Scan the records for the string "color", then copy each line that has it.
--- EXERCISE DATA ---
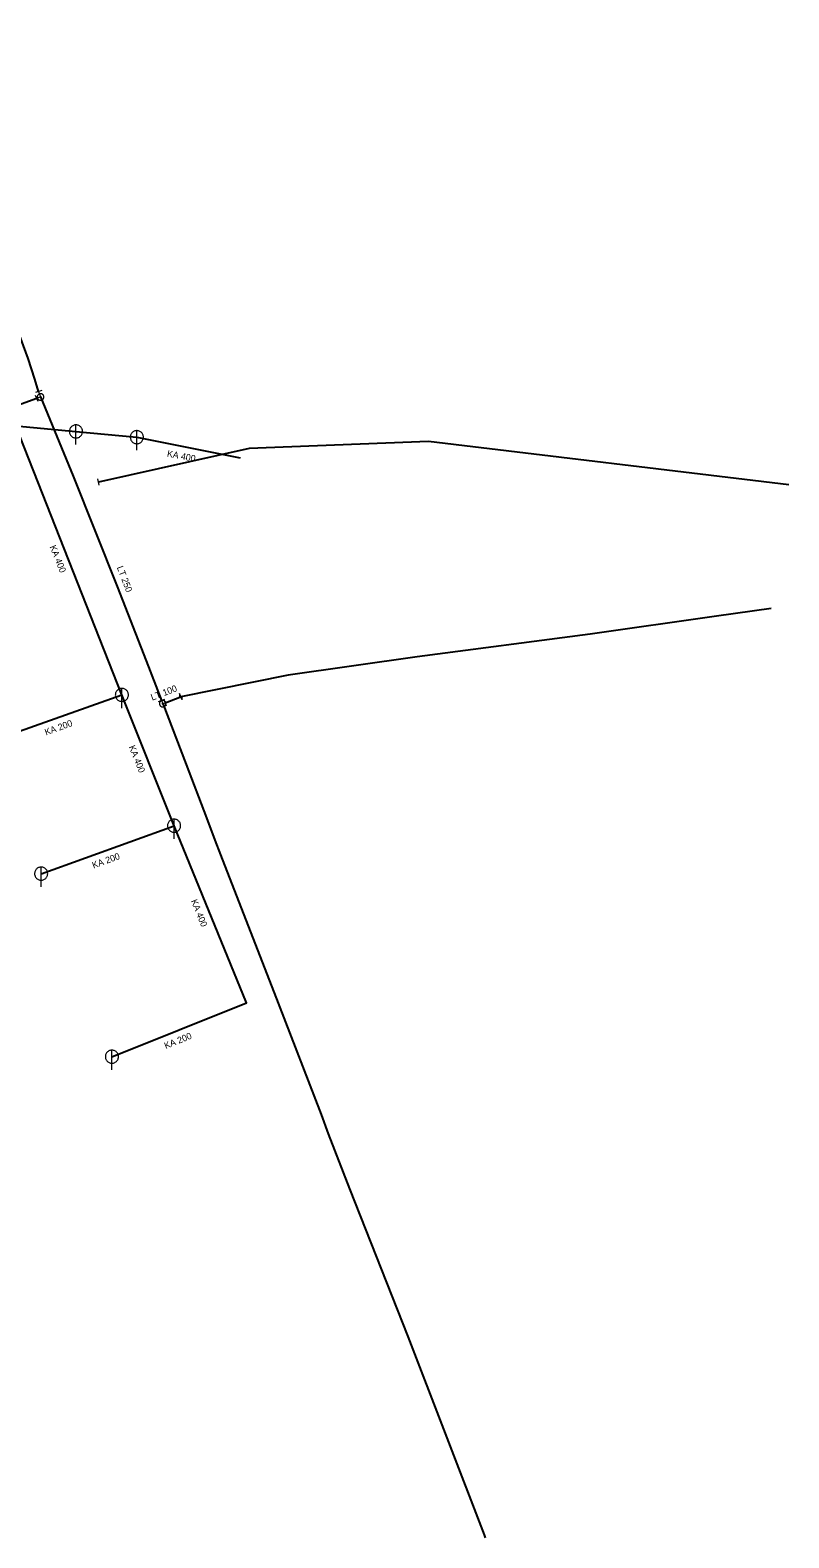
# Model space of a CAD drawing. Extents: x -690535 to -689974, y -975624 to -975325.
# Drawn here: x -690089.9 to -689974.2, y -975566.6 to -975336.7 of the extents above; entities that cross this region are included whole.
import ezdxf

# ---------------------------------------------------------------- set-up
doc = ezdxf.new("R2010")
doc.units = 0
doc.header["$LTSCALE"] = 0.4
for name, color, linetype, lineweight in [('1', 7, 'Continuous', 13), ('14', 7, 'Continuous', 25), ('17', 7, 'Continuous', 25), ('22', 7, 'Continuous', 13), ('34', 7, 'Continuous', 13), ('47', 7, 'Continuous', 13)]:
    doc.layers.add(name, color=color, linetype=linetype, lineweight=lineweight)

msp = doc.modelspace()

# ---------------------------------------------------------------- linework, layer by layer
at = {"layer": '14', "lineweight": 13}
for p, q in [((-690088.342, -975392.645), (-690088.912, -975392.874)), ((-690088.634, -975391.824), (-690088.342, -975392.645))]:
    msp.add_line(p, q, dxfattribs=at)
at = {"layer": '14'}
for p, q in [((-690092.12, -975397.03), (-690082.941, -975397.9)), ((-690082.941, -975397.9), (-690073.66, -975398.78)), ((-690073.66, -975398.78), (-690057.912, -975401.947))]:
    msp.add_line(p, q, dxfattribs=at)
for points in [[(-690094.732, -975444.739), (-690075.94, -975438.079), (-690092.12, -975397.03)], [(-690088.254, -975465.344), (-690067.978, -975458.03), (-690075.94, -975438.079)], [(-690077.458, -975493.256), (-690056.94, -975485.02), (-690067.978, -975458.03)]]:
    msp.add_lwpolyline(points, dxfattribs=at)
at = {"layer": '14', "lineweight": 13}
msp.add_lwpolyline([(-690069.916, -975438.943), (-690069.713, -975439.412), (-690069.351, -975439.267)], dxfattribs=at)
at = {"layer": '17'}
msp.add_line((-690088.912, -975392.874), (-690093.531, -975394.548), dxfattribs=at)
for points in [[(-690088.634, -975391.824), (-690089.23, -975389.914), (-690090.217, -975386.78), (-690091.866, -975382.373), (-690092.267, -975381.329), (-690094.342, -975375.603), (-690098.616, -975364.307), (-690100.726, -975358.546), (-690108.436, -975337.406), (-690108.682, -975336.702)], [(-690088.342, -975392.645), (-690083.348, -975404.702), (-690076.64, -975421.557), (-690072.237, -975432.873), (-690069.916, -975438.943)], [(-689974.23, -975406.039), (-690029.157, -975399.432), (-690056.529, -975400.526), (-690079.517, -975405.619)], [(-689976.911, -975424.893), (-689985.28, -975426.09), (-690004.51, -975428.82), (-690030.89, -975432.25), (-690050.579, -975435.05), (-690066.965, -975438.351)], [(-690069.713, -975439.412), (-690066.124, -975448.715), (-690063.059, -975456.824), (-690061.761, -975460.213), (-690060.916, -975462.471), (-690052.092, -975485.109), (-690045.574, -975502.066), (-690044.477, -975505.021), (-690041.228, -975513.396), (-690032.318, -975535.925), (-690020.684, -975566.182), (-690020.552, -975566.636)], [(-690069.351, -975439.267), (-690067.107, -975438.425), (-690066.965, -975438.351)]]:
    msp.add_lwpolyline(points, dxfattribs=at)
at = {"layer": '22'}
for p, q in [((-690082.941, -975399.9), (-690082.94, -975396.9)), ((-690073.66, -975400.78), (-690073.659, -975397.78)), ((-690075.94, -975440.079), (-690075.939, -975437.079)), ((-690067.978, -975460.03), (-690067.977, -975457.03)), ((-690088.254, -975467.344), (-690088.253, -975464.344)), ((-690077.458, -975495.256), (-690077.457, -975492.256))]:
    msp.add_line(p, q, dxfattribs=at)
for points in [[(-690081.941, -975397.9), (-690081.946, -975397.791), (-690081.964, -975397.683), (-690081.994, -975397.577), (-690082.034, -975397.476), (-690082.086, -975397.379), (-690082.148, -975397.289), (-690082.22, -975397.206), (-690082.3, -975397.132), (-690082.388, -975397.066), (-690082.482, -975397.011), (-690082.582, -975396.966), (-690082.687, -975396.933), (-690082.794, -975396.911), (-690082.903, -975396.901), (-690083.013, -975396.903), (-690083.121, -975396.917), (-690083.228, -975396.942), (-690083.331, -975396.979), (-690083.429, -975397.028), (-690083.521, -975397.086), (-690083.607, -975397.155), (-690083.684, -975397.232), (-690083.753, -975397.318), (-690083.812, -975397.41), (-690083.86, -975397.508), (-690083.897, -975397.611), (-690083.923, -975397.718), (-690083.937, -975397.826), (-690083.94, -975397.936), (-690083.93, -975398.045), (-690083.909, -975398.152), (-690083.875, -975398.256), (-690083.831, -975398.356), (-690083.776, -975398.451), (-690083.71, -975398.539), (-690083.636, -975398.619), (-690083.553, -975398.691), (-690083.463, -975398.753), (-690083.367, -975398.805), (-690083.265, -975398.846), (-690083.16, -975398.876), (-690083.052, -975398.894), (-690082.942, -975398.9), (-690082.833, -975398.894), (-690082.725, -975398.876), (-690082.62, -975398.847), (-690082.518, -975398.806), (-690082.421, -975398.754), (-690082.331, -975398.692), (-690082.248, -975398.621), (-690082.173, -975398.541), (-690082.108, -975398.453), (-690082.052, -975398.359), (-690082.008, -975398.259), (-690081.974, -975398.155), (-690081.952, -975398.047), (-690081.942, -975397.938)], [(-690072.66, -975398.78), (-690072.665, -975398.671), (-690072.683, -975398.563), (-690072.713, -975398.457), (-690072.753, -975398.356), (-690072.805, -975398.259), (-690072.867, -975398.169), (-690072.939, -975398.086), (-690073.019, -975398.012), (-690073.107, -975397.946), (-690073.201, -975397.891), (-690073.301, -975397.846), (-690073.406, -975397.813), (-690073.513, -975397.791), (-690073.622, -975397.781), (-690073.732, -975397.783), (-690073.84, -975397.797), (-690073.947, -975397.822), (-690074.05, -975397.859), (-690074.148, -975397.908), (-690074.24, -975397.966), (-690074.326, -975398.035), (-690074.403, -975398.112), (-690074.472, -975398.198), (-690074.531, -975398.29), (-690074.579, -975398.388), (-690074.616, -975398.491), (-690074.642, -975398.598), (-690074.656, -975398.706), (-690074.659, -975398.816), (-690074.649, -975398.925), (-690074.628, -975399.032), (-690074.594, -975399.136), (-690074.55, -975399.236), (-690074.495, -975399.331), (-690074.429, -975399.419), (-690074.355, -975399.499), (-690074.272, -975399.571), (-690074.182, -975399.633), (-690074.086, -975399.685), (-690073.984, -975399.726), (-690073.879, -975399.756), (-690073.771, -975399.774), (-690073.661, -975399.78), (-690073.552, -975399.774), (-690073.444, -975399.756), (-690073.339, -975399.727), (-690073.237, -975399.686), (-690073.14, -975399.634), (-690073.05, -975399.572), (-690072.967, -975399.501), (-690072.892, -975399.421), (-690072.827, -975399.333), (-690072.771, -975399.239), (-690072.727, -975399.139), (-690072.693, -975399.035), (-690072.671, -975398.927), (-690072.661, -975398.818)], [(-690074.94, -975438.079), (-690074.945, -975437.97), (-690074.963, -975437.862), (-690074.993, -975437.756), (-690075.033, -975437.655), (-690075.085, -975437.558), (-690075.147, -975437.468), (-690075.219, -975437.385), (-690075.299, -975437.311), (-690075.387, -975437.245), (-690075.481, -975437.19), (-690075.581, -975437.145), (-690075.686, -975437.112), (-690075.793, -975437.09), (-690075.902, -975437.08), (-690076.012, -975437.082), (-690076.12, -975437.096), (-690076.227, -975437.121), (-690076.33, -975437.158), (-690076.428, -975437.207), (-690076.52, -975437.265), (-690076.606, -975437.334), (-690076.683, -975437.411), (-690076.752, -975437.497), (-690076.811, -975437.589), (-690076.859, -975437.687), (-690076.896, -975437.79), (-690076.922, -975437.897), (-690076.936, -975438.005), (-690076.939, -975438.115), (-690076.929, -975438.224), (-690076.908, -975438.331), (-690076.874, -975438.435), (-690076.83, -975438.535), (-690076.775, -975438.63), (-690076.709, -975438.718), (-690076.635, -975438.798), (-690076.552, -975438.87), (-690076.462, -975438.932), (-690076.366, -975438.984), (-690076.264, -975439.025), (-690076.159, -975439.055), (-690076.051, -975439.073), (-690075.941, -975439.079), (-690075.832, -975439.073), (-690075.724, -975439.055), (-690075.619, -975439.026), (-690075.517, -975438.985), (-690075.42, -975438.933), (-690075.33, -975438.871), (-690075.247, -975438.8), (-690075.172, -975438.72), (-690075.107, -975438.632), (-690075.051, -975438.538), (-690075.007, -975438.438), (-690074.973, -975438.334), (-690074.951, -975438.226), (-690074.941, -975438.117)], [(-690066.978, -975458.03), (-690066.983, -975457.921), (-690067.001, -975457.813), (-690067.031, -975457.707), (-690067.071, -975457.606), (-690067.123, -975457.509), (-690067.185, -975457.419), (-690067.257, -975457.336), (-690067.337, -975457.262), (-690067.425, -975457.196), (-690067.519, -975457.141), (-690067.619, -975457.096), (-690067.724, -975457.063), (-690067.831, -975457.041), (-690067.94, -975457.031), (-690068.05, -975457.033), (-690068.158, -975457.047), (-690068.265, -975457.072), (-690068.368, -975457.109), (-690068.466, -975457.158), (-690068.558, -975457.216), (-690068.644, -975457.285), (-690068.721, -975457.362), (-690068.79, -975457.448), (-690068.849, -975457.54), (-690068.897, -975457.638), (-690068.934, -975457.741), (-690068.96, -975457.848), (-690068.974, -975457.956), (-690068.977, -975458.066), (-690068.967, -975458.175), (-690068.946, -975458.282), (-690068.912, -975458.386), (-690068.868, -975458.486), (-690068.813, -975458.581), (-690068.747, -975458.669), (-690068.673, -975458.749), (-690068.59, -975458.821), (-690068.5, -975458.883), (-690068.404, -975458.935), (-690068.302, -975458.976), (-690068.197, -975459.006), (-690068.089, -975459.024), (-690067.979, -975459.03), (-690067.87, -975459.024), (-690067.762, -975459.006), (-690067.657, -975458.977), (-690067.555, -975458.936), (-690067.458, -975458.884), (-690067.368, -975458.822), (-690067.285, -975458.751), (-690067.21, -975458.671), (-690067.145, -975458.583), (-690067.089, -975458.489), (-690067.045, -975458.389), (-690067.011, -975458.285), (-690066.989, -975458.177), (-690066.979, -975458.068)], [(-690087.254, -975465.344), (-690087.259, -975465.235), (-690087.277, -975465.127), (-690087.307, -975465.021), (-690087.347, -975464.92), (-690087.399, -975464.823), (-690087.461, -975464.733), (-690087.533, -975464.65), (-690087.613, -975464.576), (-690087.701, -975464.51), (-690087.795, -975464.455), (-690087.895, -975464.41), (-690088, -975464.377), (-690088.107, -975464.355), (-690088.216, -975464.345), (-690088.326, -975464.347), (-690088.434, -975464.361), (-690088.541, -975464.386), (-690088.644, -975464.423), (-690088.742, -975464.472), (-690088.834, -975464.53), (-690088.92, -975464.599), (-690088.997, -975464.676), (-690089.066, -975464.762), (-690089.125, -975464.854), (-690089.173, -975464.952), (-690089.21, -975465.055), (-690089.236, -975465.162), (-690089.25, -975465.27), (-690089.253, -975465.38), (-690089.243, -975465.489), (-690089.222, -975465.596), (-690089.188, -975465.7), (-690089.144, -975465.8), (-690089.089, -975465.895), (-690089.023, -975465.983), (-690088.949, -975466.063), (-690088.866, -975466.135), (-690088.776, -975466.197), (-690088.68, -975466.249), (-690088.578, -975466.29), (-690088.473, -975466.32), (-690088.365, -975466.338), (-690088.255, -975466.344), (-690088.146, -975466.338), (-690088.038, -975466.32), (-690087.933, -975466.291), (-690087.831, -975466.25), (-690087.734, -975466.198), (-690087.644, -975466.136), (-690087.561, -975466.065), (-690087.486, -975465.985), (-690087.421, -975465.897), (-690087.365, -975465.803), (-690087.321, -975465.703), (-690087.287, -975465.599), (-690087.265, -975465.491), (-690087.255, -975465.382)], [(-690076.458, -975493.256), (-690076.463, -975493.147), (-690076.481, -975493.039), (-690076.511, -975492.933), (-690076.551, -975492.832), (-690076.603, -975492.735), (-690076.665, -975492.645), (-690076.737, -975492.562), (-690076.817, -975492.488), (-690076.905, -975492.422), (-690076.999, -975492.367), (-690077.099, -975492.322), (-690077.204, -975492.289), (-690077.311, -975492.267), (-690077.42, -975492.257), (-690077.53, -975492.259), (-690077.638, -975492.273), (-690077.745, -975492.298), (-690077.848, -975492.335), (-690077.946, -975492.384), (-690078.038, -975492.442), (-690078.124, -975492.511), (-690078.201, -975492.588), (-690078.27, -975492.674), (-690078.329, -975492.766), (-690078.377, -975492.864), (-690078.414, -975492.967), (-690078.44, -975493.074), (-690078.454, -975493.182), (-690078.457, -975493.292), (-690078.447, -975493.401), (-690078.426, -975493.508), (-690078.392, -975493.612), (-690078.348, -975493.712), (-690078.293, -975493.807), (-690078.227, -975493.895), (-690078.153, -975493.975), (-690078.07, -975494.047), (-690077.98, -975494.109), (-690077.884, -975494.161), (-690077.782, -975494.202), (-690077.677, -975494.232), (-690077.569, -975494.25), (-690077.459, -975494.256), (-690077.35, -975494.25), (-690077.242, -975494.232), (-690077.137, -975494.203), (-690077.035, -975494.162), (-690076.938, -975494.11), (-690076.848, -975494.048), (-690076.765, -975493.977), (-690076.69, -975493.897), (-690076.625, -975493.809), (-690076.569, -975493.715), (-690076.525, -975493.615), (-690076.491, -975493.511), (-690076.469, -975493.403), (-690076.459, -975493.294)]]:
    msp.add_lwpolyline(points, close=True, dxfattribs=at)
at = {"layer": '34'}
for p, q in [((-690088.156, -975391.674), (-690089.111, -975391.972)), ((-690088.725, -975393.337), (-690089.097, -975392.409)), ((-690079.408, -975406.107), (-690079.624, -975405.13)), ((-690069.449, -975438.763), (-690070.383, -975439.121)), ((-690069.537, -975438.803), (-690069.165, -975439.731))]:
    msp.add_line(p, q, dxfattribs=at)
at = {"layer": '47'}
msp.add_line((-690066.77, -975438.821), (-690066.767, -975438.311), dxfattribs=at)
for points in [[(-690088.174, -975393.116), (-690088.126, -975393.096), (-690088.08, -975393.071), (-690088.038, -975393.041), (-690087.997, -975393.007), (-690087.961, -975392.969), (-690087.929, -975392.927), (-690087.903, -975392.883), (-690087.88, -975392.835), (-690087.862, -975392.787), (-690087.85, -975392.735), (-690087.843, -975392.683), (-690087.842, -975392.631), (-690087.846, -975392.579), (-690087.856, -975392.527), (-690087.87, -975392.477), (-690087.89, -975392.429), (-690087.915, -975392.383), (-690087.946, -975392.34), (-690087.979, -975392.3), (-690088.017, -975392.264), (-690088.059, -975392.232), (-690088.104, -975392.205), (-690088.151, -975392.182), (-690088.2, -975392.165), (-690088.251, -975392.153), (-690088.303, -975392.146), (-690088.355, -975392.144), (-690088.407, -975392.149), (-690088.459, -975392.159), (-690088.509, -975392.173), (-690088.557, -975392.193), (-690088.603, -975392.218), (-690088.647, -975392.248), (-690088.686, -975392.282), (-690088.722, -975392.32), (-690088.754, -975392.361), (-690088.782, -975392.406), (-690088.804, -975392.453), (-690088.821, -975392.503), (-690088.833, -975392.554), (-690088.84, -975392.606), (-690088.842, -975392.657), (-690088.837, -975392.71), (-690088.827, -975392.762), (-690088.813, -975392.812), (-690088.793, -975392.86), (-690088.768, -975392.906), (-690088.739, -975392.949), (-690088.704, -975392.989), (-690088.666, -975393.025), (-690088.625, -975393.057), (-690088.581, -975393.084), (-690088.533, -975393.106), (-690088.484, -975393.124), (-690088.432, -975393.136), (-690088.38, -975393.143), (-690088.329, -975393.144), (-690088.276, -975393.14), (-690088.224, -975393.13)], [(-690088.314, -975392.722), (-690088.306, -975392.719), (-690088.299, -975392.714), (-690088.292, -975392.71), (-690088.285, -975392.704), (-690088.279, -975392.698), (-690088.274, -975392.691), (-690088.269, -975392.684), (-690088.266, -975392.676), (-690088.263, -975392.668), (-690088.261, -975392.659), (-690088.26, -975392.651), (-690088.26, -975392.642), (-690088.26, -975392.634), (-690088.261, -975392.626), (-690088.264, -975392.617), (-690088.267, -975392.609), (-690088.272, -975392.602), (-690088.276, -975392.595), (-690088.282, -975392.588), (-690088.288, -975392.582), (-690088.295, -975392.577), (-690088.302, -975392.572), (-690088.31, -975392.569), (-690088.319, -975392.565), (-690088.327, -975392.564), (-690088.335, -975392.563), (-690088.344, -975392.563), (-690088.352, -975392.563), (-690088.36, -975392.564), (-690088.369, -975392.567), (-690088.377, -975392.57), (-690088.384, -975392.575), (-690088.391, -975392.579), (-690088.398, -975392.585), (-690088.404, -975392.591), (-690088.409, -975392.597), (-690088.414, -975392.605), (-690088.417, -975392.613), (-690088.421, -975392.622), (-690088.422, -975392.63), (-690088.423, -975392.638), (-690088.423, -975392.647), (-690088.423, -975392.655), (-690088.422, -975392.663), (-690088.419, -975392.672), (-690088.416, -975392.68), (-690088.411, -975392.687), (-690088.407, -975392.694), (-690088.401, -975392.701), (-690088.395, -975392.707), (-690088.389, -975392.712), (-690088.381, -975392.717), (-690088.373, -975392.72), (-690088.365, -975392.723), (-690088.356, -975392.725), (-690088.348, -975392.726), (-690088.339, -975392.726), (-690088.331, -975392.726), (-690088.323, -975392.725)], [(-690069.514, -975439.87), (-690069.467, -975439.847), (-690069.423, -975439.819), (-690069.382, -975439.786), (-690069.345, -975439.75), (-690069.311, -975439.71), (-690069.282, -975439.665), (-690069.259, -975439.619), (-690069.239, -975439.571), (-690069.225, -975439.521), (-690069.216, -975439.469), (-690069.212, -975439.416), (-690069.215, -975439.364), (-690069.222, -975439.313), (-690069.236, -975439.262), (-690069.254, -975439.213), (-690069.277, -975439.166), (-690069.305, -975439.122), (-690069.338, -975439.081), (-690069.374, -975439.044), (-690069.414, -975439.01), (-690069.459, -975438.981), (-690069.505, -975438.957), (-690069.554, -975438.937), (-690069.604, -975438.923), (-690069.655, -975438.915), (-690069.708, -975438.911), (-690069.76, -975438.913), (-690069.811, -975438.921), (-690069.862, -975438.935), (-690069.911, -975438.953), (-690069.958, -975438.976), (-690070.002, -975439.004), (-690070.044, -975439.036), (-690070.08, -975439.073), (-690070.114, -975439.113), (-690070.143, -975439.157), (-690070.168, -975439.203), (-690070.187, -975439.252), (-690070.201, -975439.303), (-690070.209, -975439.354), (-690070.213, -975439.407), (-690070.211, -975439.458), (-690070.203, -975439.51), (-690070.189, -975439.561), (-690070.171, -975439.61), (-690070.148, -975439.657), (-690070.12, -975439.701), (-690070.088, -975439.742), (-690070.051, -975439.779), (-690070.011, -975439.813), (-690069.967, -975439.842), (-690069.921, -975439.866), (-690069.873, -975439.885), (-690069.822, -975439.899), (-690069.77, -975439.908), (-690069.717, -975439.912), (-690069.666, -975439.909), (-690069.614, -975439.902), (-690069.563, -975439.888)], [(-690069.68, -975439.487), (-690069.672, -975439.483), (-690069.665, -975439.478), (-690069.659, -975439.473), (-690069.652, -975439.467), (-690069.647, -975439.46), (-690069.642, -975439.453), (-690069.638, -975439.446), (-690069.635, -975439.438), (-690069.633, -975439.429), (-690069.631, -975439.421), (-690069.631, -975439.412), (-690069.631, -975439.403), (-690069.632, -975439.395), (-690069.634, -975439.387), (-690069.637, -975439.379), (-690069.641, -975439.371), (-690069.646, -975439.364), (-690069.651, -975439.358), (-690069.657, -975439.351), (-690069.664, -975439.346), (-690069.671, -975439.341), (-690069.678, -975439.337), (-690069.686, -975439.334), (-690069.695, -975439.331), (-690069.703, -975439.33), (-690069.712, -975439.33), (-690069.721, -975439.33), (-690069.729, -975439.331), (-690069.737, -975439.333), (-690069.745, -975439.336), (-690069.753, -975439.34), (-690069.76, -975439.345), (-690069.766, -975439.35), (-690069.773, -975439.356), (-690069.778, -975439.363), (-690069.783, -975439.369), (-690069.787, -975439.377), (-690069.79, -975439.385), (-690069.793, -975439.394), (-690069.794, -975439.402), (-690069.794, -975439.411), (-690069.794, -975439.42), (-690069.793, -975439.428), (-690069.791, -975439.436), (-690069.788, -975439.444), (-690069.784, -975439.452), (-690069.779, -975439.459), (-690069.774, -975439.465), (-690069.768, -975439.472), (-690069.761, -975439.477), (-690069.755, -975439.482), (-690069.747, -975439.486), (-690069.739, -975439.489), (-690069.73, -975439.491), (-690069.722, -975439.493), (-690069.713, -975439.493), (-690069.704, -975439.493), (-690069.696, -975439.492), (-690069.688, -975439.49)]]:
    msp.add_lwpolyline(points, close=True, dxfattribs=at)
msp.add_lwpolyline([(-690066.77, -975438.821), (-690067.159, -975437.88), (-690067.162, -975438.39)], dxfattribs=at)

# ---------------------------------------------------------------- texts
at = {"layer": '1'}
for s, rotation, p in [('KA 400', 349, (-690069.117, -975401.718)), ('KA 400', 292, (-690086.976, -975415.491)), ('LT 250', 291, (-690076.728, -975418.636)), ('LT 100', 21, (-690071.311, -975438.963)), ('KA 200', 20, (-690087.5, -975444.282)), ('KA 400', 292, (-690074.914, -975446.003)), ('KA 200', 20, (-690080.264, -975464.572)), ('KA 400', 292, (-690065.432, -975469.499)), ('KA 200', 22, (-690069.242, -975492.097))]:
    msp.add_text(s, height=1, rotation=rotation, dxfattribs=at).set_placement(p)

doc.saveas('drawing.dxf')
---
* RESPONSE *
for name, color, linetype, lineweight in [('1', 7, 'Continuous', 13), ('14', 7, 'Continuous', 25), ('17', 7, 'Continuous', 25), ('22', 7, 'Continuous', 13), ('34', 7, 'Continuous', 13), ('47', 7, 'Continuous', 13)]:
    doc.layers.add(name, color=color, linetype=linetype, lineweight=lineweight)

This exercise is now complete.